How to deal with subjects who cannot receive the treatment in an experiment? Imagine an experiment where you are trying to establish that cell phone users who receive a a local offer tend to spend more. How do you deal with those in the test group that cannot receive the treatment (say, there are no local offers when they're using their phone)?  
For that matter, the same type of users might exist in the control group.

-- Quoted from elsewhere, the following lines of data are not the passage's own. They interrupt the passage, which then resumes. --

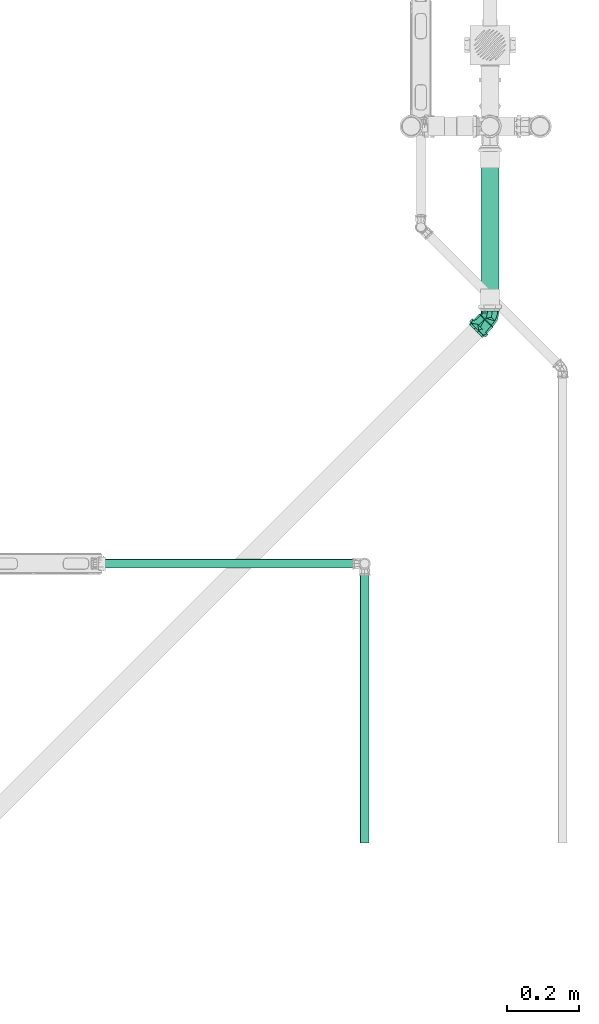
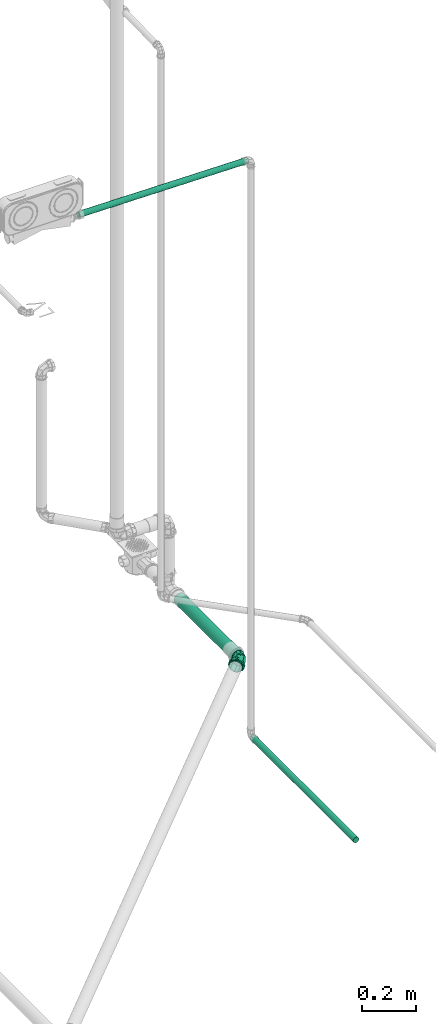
# One storey, part 163 of 589: 3 flow segments, 1 flow fitting.
"""IFC2X3 building model written with IfcOpenShell, lengths in millimetres."""

from ifc_helpers import new_model, entity, si_unit, converted_unit, derived_unit, direction, frame, frame_2d, origin, place, context, subcontext, project, spatial, circle, extrude, faceted_brep, source, transform, mapped, material, type_object, type_shapes, element, save


model = new_model("IFC2X3")

# Units and contexts
model_context = context("Model", 3, precision=0.01, world=origin(), true_north=direction((6.123031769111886e-17, 1.0)))
body_context = subcontext(model_context, "Body", "Model", "MODEL_VIEW")
ifc_project = project(units=[si_unit("LENGTHUNIT", "METRE", prefix="MILLI"), si_unit("AREAUNIT", "SQUARE_METRE"), si_unit("VOLUMEUNIT", "CUBIC_METRE"), converted_unit("PLANEANGLEUNIT", "DEGREE", entity("IfcRatioMeasure", 0.017453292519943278), si_unit("PLANEANGLEUNIT", "RADIAN"), dimensions=[0, 0, 0, 0, 0, 0, 0]), si_unit("MASSUNIT", "GRAM", prefix="KILO"), derived_unit("MASSDENSITYUNIT", [(si_unit("MASSUNIT", "GRAM", prefix="KILO"), 1), (si_unit("LENGTHUNIT", "METRE"), -3)]), derived_unit("IONCONCENTRATIONUNIT", [(si_unit("MASSUNIT", "GRAM", prefix="KILO"), 1), (si_unit("LENGTHUNIT", "METRE"), -3)]), derived_unit("MOMENTOFINERTIAUNIT", [(si_unit("LENGTHUNIT", "METRE"), 4)]), si_unit("TIMEUNIT", "SECOND"), si_unit("FREQUENCYUNIT", "HERTZ"), si_unit("THERMODYNAMICTEMPERATUREUNIT", "DEGREE_CELSIUS"), derived_unit("THERMALTRANSMITTANCEUNIT", [(si_unit("MASSUNIT", "GRAM", prefix="KILO"), 1), (si_unit("THERMODYNAMICTEMPERATUREUNIT", "KELVIN"), -1), (si_unit("TIMEUNIT", "SECOND"), -3)]), derived_unit("THERMALCONDUCTANCEUNIT", [(si_unit("MASSUNIT", "GRAM", prefix="KILO"), 1), (si_unit("THERMODYNAMICTEMPERATUREUNIT", "KELVIN"), -1), (si_unit("TIMEUNIT", "SECOND"), -3), (si_unit("LENGTHUNIT", "METRE"), 1)]), derived_unit("VOLUMETRICFLOWRATEUNIT", [(si_unit("LENGTHUNIT", "METRE"), 3), (si_unit("TIMEUNIT", "SECOND"), -1)]), derived_unit("MASSFLOWRATEUNIT", [(si_unit("MASSUNIT", "GRAM", prefix="KILO"), 1), (si_unit("TIMEUNIT", "SECOND"), -1)]), derived_unit("ROTATIONALFREQUENCYUNIT", [(si_unit("TIMEUNIT", "SECOND"), -1)]), si_unit("ELECTRICCURRENTUNIT", "AMPERE"), si_unit("ELECTRICVOLTAGEUNIT", "VOLT"), si_unit("POWERUNIT", "WATT"), si_unit("FORCEUNIT", "NEWTON", prefix="KILO"), si_unit("ILLUMINANCEUNIT", "LUX"), si_unit("LUMINOUSFLUXUNIT", "LUMEN"), si_unit("LUMINOUSINTENSITYUNIT", "CANDELA"), derived_unit("USERDEFINED", [(si_unit("MASSUNIT", "GRAM", prefix="KILO"), -1), (si_unit("LENGTHUNIT", "METRE"), -2), (si_unit("TIMEUNIT", "SECOND"), 3), (si_unit("LUMINOUSFLUXUNIT", "LUMEN"), 1)]), derived_unit("USERDEFINED", [(si_unit("MASSUNIT", "GRAM", prefix="KILO"), 1), (si_unit("TIMEUNIT", "SECOND"), -3), (si_unit("LENGTHUNIT", "METRE"), 3), (si_unit("ELECTRICCURRENTUNIT", "AMPERE"), -2)]), derived_unit("SOUNDPOWERUNIT", [(si_unit("MASSUNIT", "GRAM", prefix="KILO"), 1), (si_unit("TIMEUNIT", "SECOND"), -3), (si_unit("LENGTHUNIT", "METRE"), 2)]), derived_unit("SOUNDPRESSUREUNIT", [(si_unit("MASSUNIT", "GRAM", prefix="KILO"), 1), (si_unit("LENGTHUNIT", "METRE"), -1), (si_unit("TIMEUNIT", "SECOND"), -2)]), derived_unit("LINEARVELOCITYUNIT", [(si_unit("LENGTHUNIT", "METRE"), 1), (si_unit("TIMEUNIT", "SECOND"), -1)]), si_unit("PRESSUREUNIT", "PASCAL"), derived_unit("USERDEFINED", [(si_unit("MASSUNIT", "GRAM", prefix="KILO"), 1), (si_unit("LENGTHUNIT", "METRE"), -2), (si_unit("TIMEUNIT", "SECOND"), -2)]), derived_unit("LINEARFORCEUNIT", [(si_unit("MASSUNIT", "GRAM", prefix="KILO"), 1), (si_unit("TIMEUNIT", "SECOND"), -2)]), derived_unit("PLANARFORCEUNIT", [(si_unit("MASSUNIT", "GRAM", prefix="KILO"), 1), (si_unit("LENGTHUNIT", "METRE"), -1), (si_unit("TIMEUNIT", "SECOND"), -2)]), derived_unit("SPECIFICHEATCAPACITYUNIT", [(si_unit("THERMODYNAMICTEMPERATUREUNIT", "KELVIN"), -1), (si_unit("LENGTHUNIT", "METRE"), 2), (si_unit("TIMEUNIT", "SECOND"), -2)]), derived_unit("HEATINGVALUEUNIT", [(si_unit("LENGTHUNIT", "METRE"), 2), (si_unit("TIMEUNIT", "SECOND"), -2)]), derived_unit("VAPORPERMEABILITYUNIT", [(si_unit("LENGTHUNIT", "METRE"), -1), (si_unit("TIMEUNIT", "SECOND"), 1)]), derived_unit("DYNAMICVISCOSITYUNIT", [(si_unit("MASSUNIT", "GRAM", prefix="KILO"), 1), (si_unit("TIMEUNIT", "SECOND"), -1), (si_unit("LENGTHUNIT", "METRE"), -1)]), derived_unit("THERMALEXPANSIONCOEFFICIENTUNIT", [(si_unit("THERMODYNAMICTEMPERATUREUNIT", "KELVIN"), -1)]), derived_unit("MODULUSOFELASTICITYUNIT", [(si_unit("MASSUNIT", "GRAM", prefix="KILO"), 1), (si_unit("LENGTHUNIT", "METRE"), -1), (si_unit("TIMEUNIT", "SECOND"), -2)]), derived_unit("ISOTHERMALMOISTURECAPACITYUNIT", [(si_unit("LENGTHUNIT", "METRE"), 3), (si_unit("MASSUNIT", "GRAM", prefix="KILO"), -1)]), derived_unit("MOISTUREDIFFUSIVITYUNIT", [(si_unit("TIMEUNIT", "SECOND"), -1), (si_unit("LENGTHUNIT", "METRE"), 2)])], contexts=[model_context])

# Site, building, storey
site_placement = place(None, origin())
site = spatial("IfcSite", under=ifc_project, at=site_placement, Name="Default", CompositionType="ELEMENT")
building_placement = place(site_placement, origin())
building = spatial("IfcBuilding", under=site, at=building_placement, CompositionType="ELEMENT")
storey_placement = place(building_placement, frame((0.0, 0.0, 100.0)))
storey = spatial("IfcBuildingStorey", under=building, at=storey_placement, Name="TÉRREO", CompositionType="ELEMENT", Elevation=100.0)

# Flow segments
pipe_segment_type_1 = type_object("IfcPipeSegmentType", Name="Tipos de tubos:PVC Esgoto Série Normal", PredefinedType="NOTDEFINED")
flow_segment_1_placement = place(storey_placement, origin())
element("IfcFlowSegment", 1, at=flow_segment_1_placement, inside=storey, type_object=pipe_segment_type_1, Name="Tipos de tubos:PVC Esgoto Série Normal", ObjectType="Tipos de tubos:PVC Esgoto Série Normal", context=body_context, shape_type="SweptSolid", body=[
    extrude(circle(Radius=25.0, at=frame_2d((0.0, -1.6919798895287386e-14), x_axis=(1.0, 0.0))), frame((12044.978158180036, -7182.324497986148, -227.7106242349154), z_axis=(0.0, 1.0, 0.0), x_axis=(-1.0, 0.0, 0.0)), (0.0, 0.0, 1.0), 429.7293108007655),
])
pipe_segment_type_2 = type_object("IfcPipeSegmentType", Name="Tipos de tubos:PVC Marrom Soldável", PredefinedType="NOTDEFINED")
flow_segment_2_placement = place(storey_placement, origin())
element("IfcFlowSegment", 2, at=flow_segment_2_placement, inside=storey, type_object=pipe_segment_type_2, Name="Tipos de tubos:PVC Marrom Soldável", ObjectType="Tipos de tubos:PVC Marrom Soldável", context=body_context, shape_type="SweptSolid", body=[
    extrude(circle(Radius=12.5, at=frame_2d((-2.4025407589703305e-19, -9.417920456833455e-08), x_axis=(1.0, 0.0))), frame((11694.912738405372, -8667.861303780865, -37.355479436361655), z_axis=(-1.8287699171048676e-07, 1.0, 0.0), x_axis=(-1.0, -1.8287699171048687e-07, 0.0)), (0.0, 0.0, 1.0), 764.6000580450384),
])
flow_segment_3_placement = place(storey_placement, origin())
element("IfcFlowSegment", 3, at=flow_segment_3_placement, inside=storey, type_object=pipe_segment_type_2, Name="Tipos de tubos:PVC Marrom Soldável", ObjectType="Tipos de tubos:PVC Marrom Soldável", context=body_context, shape_type="SweptSolid", body=[
    extrude(circle(Radius=12.5, at=frame_2d((0.0, -5.414064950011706e-13), x_axis=(1.0, 0.0))), frame((11678.442548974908, -7887.861245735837, 2571.9681413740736), z_axis=(-0.9999500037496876, 0.0, 0.009999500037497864), x_axis=(0.0, -1.0, 0.0)), (0.0, 0.0, 1.0), 723.1800230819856),
])

# Flow fitting
ifc_material = material(Name="PVC Série Normal")
pipe_fitting_type = type_object("IfcPipeFittingType", Name="PVC Esgoto_Joelho 45_90_Rodrigo MEP:a. Série Normal", PredefinedType="NOTDEFINED", material=ifc_material)
shared_shape = source(origin(), body_context, "Body", "Brep", [
    faceted_brep([(3.0396216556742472, 12.193302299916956, 24.14814565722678), (-7.696517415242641, 22.925149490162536, 12.500000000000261), (-10.06534948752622, 25.29303459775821, 0.0), (-7.696517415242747, 22.925149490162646, -12.499999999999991), (3.039621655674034, 12.19330229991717, -24.1481456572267), (12.192085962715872, 3.0444967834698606, -24.14814565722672), (22.928225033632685, -7.687350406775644, -12.500000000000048), (25.297057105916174, -10.05523551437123, 0.0), (22.928225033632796, -7.687350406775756, 12.499999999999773), (12.192085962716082, 3.0444967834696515, 24.148145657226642), (26.60444512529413, -4.009660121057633, -12.500000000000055), (15.868306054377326, 6.722187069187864, -24.14814565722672), (6.7158417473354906, 15.870992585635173, -24.1481456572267), (-4.020297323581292, 26.602839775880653, -12.499999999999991), (-6.389129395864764, 28.970724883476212, 0.0), (-4.020297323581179, 26.602839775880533, 12.500000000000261), (6.715841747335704, 15.87099258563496, 24.14814565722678), (15.868306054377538, 6.722187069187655, 24.148145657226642), (26.604445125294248, -4.009660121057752, 12.499999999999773), (28.973277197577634, -6.377545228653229, 0.0)], [[[0, 1, 2, 3, 4, 5, 6, 7, 8, 9]], [[10, 11, 12, 13, 14, 15, 16, 17, 18, 19]], [[7, 19, 18, 8]], [[8, 18, 17, 9]], [[17, 16, 0, 9]], [[0, 16, 15, 1]], [[1, 15, 14, 2]], [[2, 14, 13, 3]], [[3, 13, 12, 4]], [[12, 11, 5, 4]], [[5, 11, 10, 6]], [[6, 10, 19, 7]]]),
    faceted_brep([(-55.9725976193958, -6.988114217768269, -26.07999730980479), (-55.9725976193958, -6.47047612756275, -24.14814565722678), (-55.9725976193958, 6.4704761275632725, -24.148145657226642), (-55.9725976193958, -23.382685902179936, -13.499999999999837), (-55.9725976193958, 6.988114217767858, -26.0799973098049), (-55.9725976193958, -21.650635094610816, -12.500000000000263), (-55.9725976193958, -25.0, 0.0), (-55.9725976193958, -27.0, 0.0), (-55.9725976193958, -21.650635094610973, 12.499999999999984), (-55.9725976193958, -23.382685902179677, 13.500000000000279), (-55.9725976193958, -6.470476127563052, 24.1481456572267), (-55.9725976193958, -6.98811421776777, 26.079997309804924), (-55.9725976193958, 6.470476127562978, 24.14814565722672), (-55.9725976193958, 6.988114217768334, 26.07999730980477), (-55.9725976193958, 21.650635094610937, 12.500000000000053), (-55.9725976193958, 23.38268590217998, 13.499999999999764), (-55.9725976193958, 27.0, 0.0), (-55.9725976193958, 25.0, 0.0), (-55.9725976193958, 23.382685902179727, -13.500000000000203), (-55.9725976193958, 21.6506350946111, -12.499999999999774), (-15.9725976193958, 21.650635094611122, -12.499999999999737), (-15.9725976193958, 25.0, 0.0), (-15.9725976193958, 6.4704761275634, -24.148145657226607), (-15.9725976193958, -6.470476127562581, -24.148145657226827), (-15.9725976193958, -21.650635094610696, -12.500000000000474), (-15.9725976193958, -25.0, 0.0), (-15.9725976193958, -21.65063509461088, 12.500000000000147), (-15.9725976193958, -6.470476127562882, 24.14814565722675), (-15.9725976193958, 6.470476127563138, 24.148145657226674), (-15.9725976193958, 21.650635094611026, 12.499999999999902), (-15.9725976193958, 27.0, 0.0), (-15.972597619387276, 20.682232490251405, 17.356418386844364), (-15.972597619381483, 4.685536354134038, 26.59033187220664), (-15.972597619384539, -20.686585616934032, 17.35122979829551), (-15.9725976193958, -27.0, 0.0), (-15.972597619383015, -8.000524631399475, 21.970780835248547), (-15.972597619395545, -20.686585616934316, -17.35122979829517), (-15.972597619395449, -4.6922062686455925, -26.589155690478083), (-15.972597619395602, 20.682232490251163, -17.356418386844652), (-15.972597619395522, 7.995013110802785, -21.972787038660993), (-13.772597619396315, -4.338459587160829, -24.620677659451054), (-13.772597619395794, 25.0, 0.0), (-13.772597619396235, 19.154245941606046, -16.065953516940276), (-13.772597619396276, 7.40789317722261, -20.34331558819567), (-13.772597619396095, -19.15021526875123, -16.07075776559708), (-13.772597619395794, -25.0, 0.0), (-13.772597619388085, -19.150215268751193, 16.070757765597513), (-13.772597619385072, -7.402789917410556, 20.34517318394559), (-13.772597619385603, 19.154245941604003, 16.065953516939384), (-13.772597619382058, 4.344635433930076, 24.619588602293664), (-10.7725976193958, 25.0, 0.0), (-10.772597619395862, 19.151286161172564, 16.069481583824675), (-10.77259761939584, 4.341396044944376, 24.62016003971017), (-10.772597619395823, -7.404832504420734, 20.344954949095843), (-10.772597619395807, -19.15106105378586, 16.069749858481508), (-10.7725976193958, -25.0, 0.0), (-10.772597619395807, -19.15106105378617, -16.069749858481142), (-10.772597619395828, -4.341051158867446, -24.62022085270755), (-10.772597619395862, 19.15128616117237, -16.069481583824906), (-10.772597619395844, 7.405117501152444, -20.344851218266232), (22.928225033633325, -7.687350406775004, -12.500000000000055), (12.192085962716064, 3.0444967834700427, -24.14814565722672), (3.0396216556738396, 12.193302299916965, -24.1481456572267), (-7.696517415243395, 22.925149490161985, -12.499999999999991), (-10.065349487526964, 25.29303459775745, 0.0), (-7.696517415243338, 22.92514949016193, 12.500000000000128), (3.0396216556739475, 12.193302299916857, 24.14814565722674), (12.192085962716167, 3.044496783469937, 24.148145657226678), (22.928225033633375, -7.687350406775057, 12.499999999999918), (25.297057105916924, -10.055235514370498, 0.0), (1.706656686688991, -18.229960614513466, 15.057518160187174), (8.748967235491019, -21.11590501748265, 0.0), (12.77252502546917, -13.644950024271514, 14.852748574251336), (-3.6070347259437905, -23.574308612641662, 0.0), (2.15897029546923, -4.457370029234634, 23.97388512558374), (-10.389821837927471, 25.0761587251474, 0.0), (19.22293436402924, -14.11515207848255, 0.0), (12.769036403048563, -13.641969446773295, -14.858628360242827), (2.121435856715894, -4.511954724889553, -23.963323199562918), (1.7564938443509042, -18.24244270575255, -15.023571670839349)], [[[0, 1, 2]], [[1, 0, 3]], [[2, 4, 0]], [[3, 5, 1]], [[3, 6, 5]], [[6, 3, 7]], [[8, 6, 7]], [[8, 7, 9]], [[9, 10, 8]], [[9, 11, 10]], [[10, 11, 12]], [[13, 12, 11]], [[13, 14, 12]], [[14, 13, 15]], [[16, 14, 15]], [[17, 14, 16]], [[18, 17, 16]], [[18, 19, 17]], [[19, 18, 4]], [[4, 2, 19]], [[20, 21, 17, 19]], [[22, 20, 19, 2]], [[2, 1, 23, 22]], [[24, 23, 1, 5]], [[25, 24, 5, 6]], [[26, 25, 6, 8]], [[27, 26, 8, 10]], [[10, 12, 28, 27]], [[29, 28, 12, 14]], [[21, 29, 14, 17]], [[16, 15, 30]], [[15, 31, 30]], [[31, 15, 13]], [[31, 13, 32]], [[33, 11, 9]], [[34, 9, 7]], [[11, 33, 35, 32]], [[33, 9, 34]], [[11, 32, 13]], [[7, 3, 34]], [[3, 36, 34]], [[36, 3, 0]], [[36, 0, 37]], [[38, 4, 18]], [[30, 18, 16]], [[4, 38, 39, 37]], [[38, 18, 30]], [[4, 37, 0]], [[28, 29, 21, 20, 22, 23, 24, 25, 26, 27]], [[39, 40, 37]], [[41, 42, 30]], [[30, 42, 38]], [[38, 43, 39]], [[44, 45, 36]], [[38, 42, 43]], [[36, 37, 44]], [[34, 36, 45]], [[40, 39, 43]], [[44, 37, 40]], [[45, 46, 33]], [[33, 34, 45]], [[46, 35, 33]], [[46, 47, 35]], [[47, 32, 35]], [[48, 41, 30]], [[48, 31, 49]], [[31, 48, 30]], [[32, 47, 49]], [[49, 31, 32]], [[41, 48, 50]], [[48, 51, 50]], [[51, 48, 49]], [[51, 49, 52]], [[52, 47, 53]], [[46, 54, 53]], [[46, 45, 54]], [[49, 47, 52]], [[54, 45, 55]], [[47, 46, 53]], [[45, 44, 56]], [[45, 56, 55]], [[56, 44, 57]], [[58, 59, 43]], [[44, 40, 57]], [[40, 59, 57]], [[58, 43, 42]], [[42, 50, 58]], [[50, 42, 41]], [[59, 40, 43]], [[60, 61, 62, 63, 64, 65, 66, 67, 68, 69]], [[51, 52, 66]], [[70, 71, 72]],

How do you deal with subjects that cannot receive the treatment even if you wanted to give them treatment, but you only find this out after you've assigned them to control or test group? 
 A: If it isn't possible for the treatment to actually be applied, prima facie it makes less sense to include those data in the analysis.  This suggests you should just throw them out as outliers—i.e., data that come from a data generating process other than what you are studying.  However, I would argue that it's best to keep them.  I would use one or both of the following approaches:  


*

*Mark those who could not receive the treatment with an indicator variable, whether they were actually in the intervention group or not.  Then fit a model with treatment.group, not.treatable and the interaction, treatment.group X not.treatable, all included.  You can test the interaction, and the simple effect of being in the treatment group when it could possibly be applied.  If you use reference level coding and make those who could not receive the treatment the reference level of the not.treatable factor, what the model will display as the 'main effect' of treatment.group will actually be the simple effect of interest.  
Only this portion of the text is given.